Visualization of activation values of the LSTM layer for 1000 samples with their corresponding class

Fig. 6
figure 6

Visualization of activation values of the last dense layer for 1000 samples with their corresponding class

The impact of each individual feature type on the deep learning performance is evaluated and tested. When the normalized graph feature is exploited only, detection accuracy and F-measure are reached at 92.2 and 91.3%, respectively. And, when connection state features are only used in the learning architecture, 71.4% accuracy and 70.2% F-measure are achieved. Thus, we can deduce the normalized graph features derived from flow statistics assure detection, but the connection state features do not provide sufficient semantical information toward modeling botnet traffic. When two types of features are fused, the resulting latent feature representation along with the deep network architecture leads to the highest botnet detection performance.

Table 5 Comparison of our study with other methods using the same dataset

5.4 Comparison with respect to existing studies

Evaluation of same ML method with different datasets may give different results. For comparison purposes, the performance of different botnet detection approaches needs to be evaluated subject to the same dataset. Otherwise, comparison versus different methods is not reliable and accurate. We compare our results with respect to the state-of-the-art botnet detection methods using the CTU-13 and ISOT dataset.

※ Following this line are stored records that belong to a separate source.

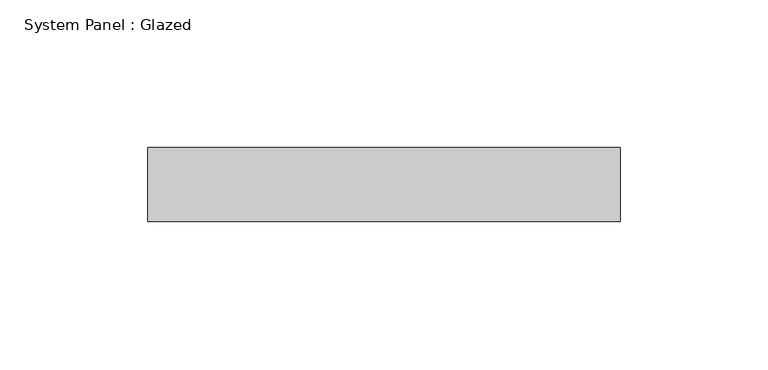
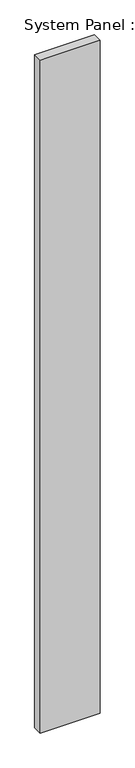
"""IFC4 building model written with IfcOpenShell, lengths in millimetres: plate geometry, System Panel : Glazed."""

from ifc_helpers import new_model, si_unit, origin, origin_with_axes, place, context, project, spatial, polyline, outline, extrude, source, transform, mapped, element, save


def system_panel_glazed_6436783a(model_context):
    return source(origin(), model_context, "Body", "SweptSolid", [
        extrude(outline(polyline([(80.0, -12.5), (-80.0, -12.5), (-80.0, 12.5), (80.0, 12.5), (80.0, -12.5)])), origin_with_axes(), (0.0, 0.0, 1.0), 1900.0),
    ])


if __name__ == "__main__":
    model = new_model("IFC4")
    model_context = context("Model", 3, world=origin())
    ifc_project = project(units=[si_unit("LENGTHUNIT", "METRE", prefix="MILLI")], contexts=[model_context])
    site = spatial("IfcSite", under=ifc_project)
    building = spatial("IfcBuilding", under=site)
    placement = place(None, origin())
    system_panel_glazed_shape = system_panel_glazed_6436783a(model_context)
    element("IfcPlate", 1, ObjectType="System Panel : Glazed", at=placement, inside=building, context=model_context, shape_type="MappedRepresentation", body=[
        mapped(system_panel_glazed_shape, transform((0.0, 0.0, 0.0), x_axis=(1.0, 0.0, 0.0), y_axis=(0.0, 1.0, 0.0), z_axis=(0.0, 0.0, 1.0))),
    ])
    save(model, "model.ifc")

Performance comparison of the presented system with respect to some existing studies for botnet detection is shown in Table 5. As stated in the related work section, Chen et al. [8] achieve 94% accuracy on CTU-13 dataset and Wang and Paschalidis [53] achieve 0.14, 0.088, 0.21, 0.082 and 0.14 F1-score on a subset of the CTU-13 dataset. In [2], 29 TCP features are extracted based on the connection period 30 s. Two feature selection algorithms are proposed, and 98.32% accuracy, 98.69% F-measure and 0.75% false positive rate are reached. Our proposed method outperforms by reaching at 99% accuracy and 99.1% F1-score. The comparison results reveal that the proposed deep learning-based approach achieves better botnet detection accuracy with very low false positive rate.

6 Conclusion

In this paper, we present a novel botnet detection by modeling network traffic traces between communication endpoints by representing the whole traffic in a graph. We extract the representative and meaningful feature set generated by flow statistics between each host for 3 different protocols, namely TCP, UDP and ICMP. We justify our approach by showing that P2P botnet and other botnets can be determined via their statistical features. For instance, the communication between each host is represented by these protocols as a matrix of summary network information. Therefore, any prior knowledge about botnet such as communication protocols (for instance, HTTP, IRC, P2P) and information about port or payload data are not required.

Then, we design the deep neural learning architecture toward botnet detection. Our particular focus is on the evaluation of the performance of the LSTM and CNN. In our evaluation study, we use two datasets publicly available for benchmarking purposes. And deep learning results are evaluated and compared with respect to the statistical metric results of baseline classifiers. The evaluation results show that the presented method outperforms other related approaches and it can discover botnets reaching at 99% level in accuracy. We assess the run time performance of our approach. According to the run time performance test, the method costs only a small amount of time to process network flows and identifies their categories whether botnet or normal traffic. Our presented method presents acceptable training period subject to a fairly large set of botnets, very accurate detection results and the potential for real-life deployment by leveraging deep learning as an emerging solution to a large variety of classification tasks.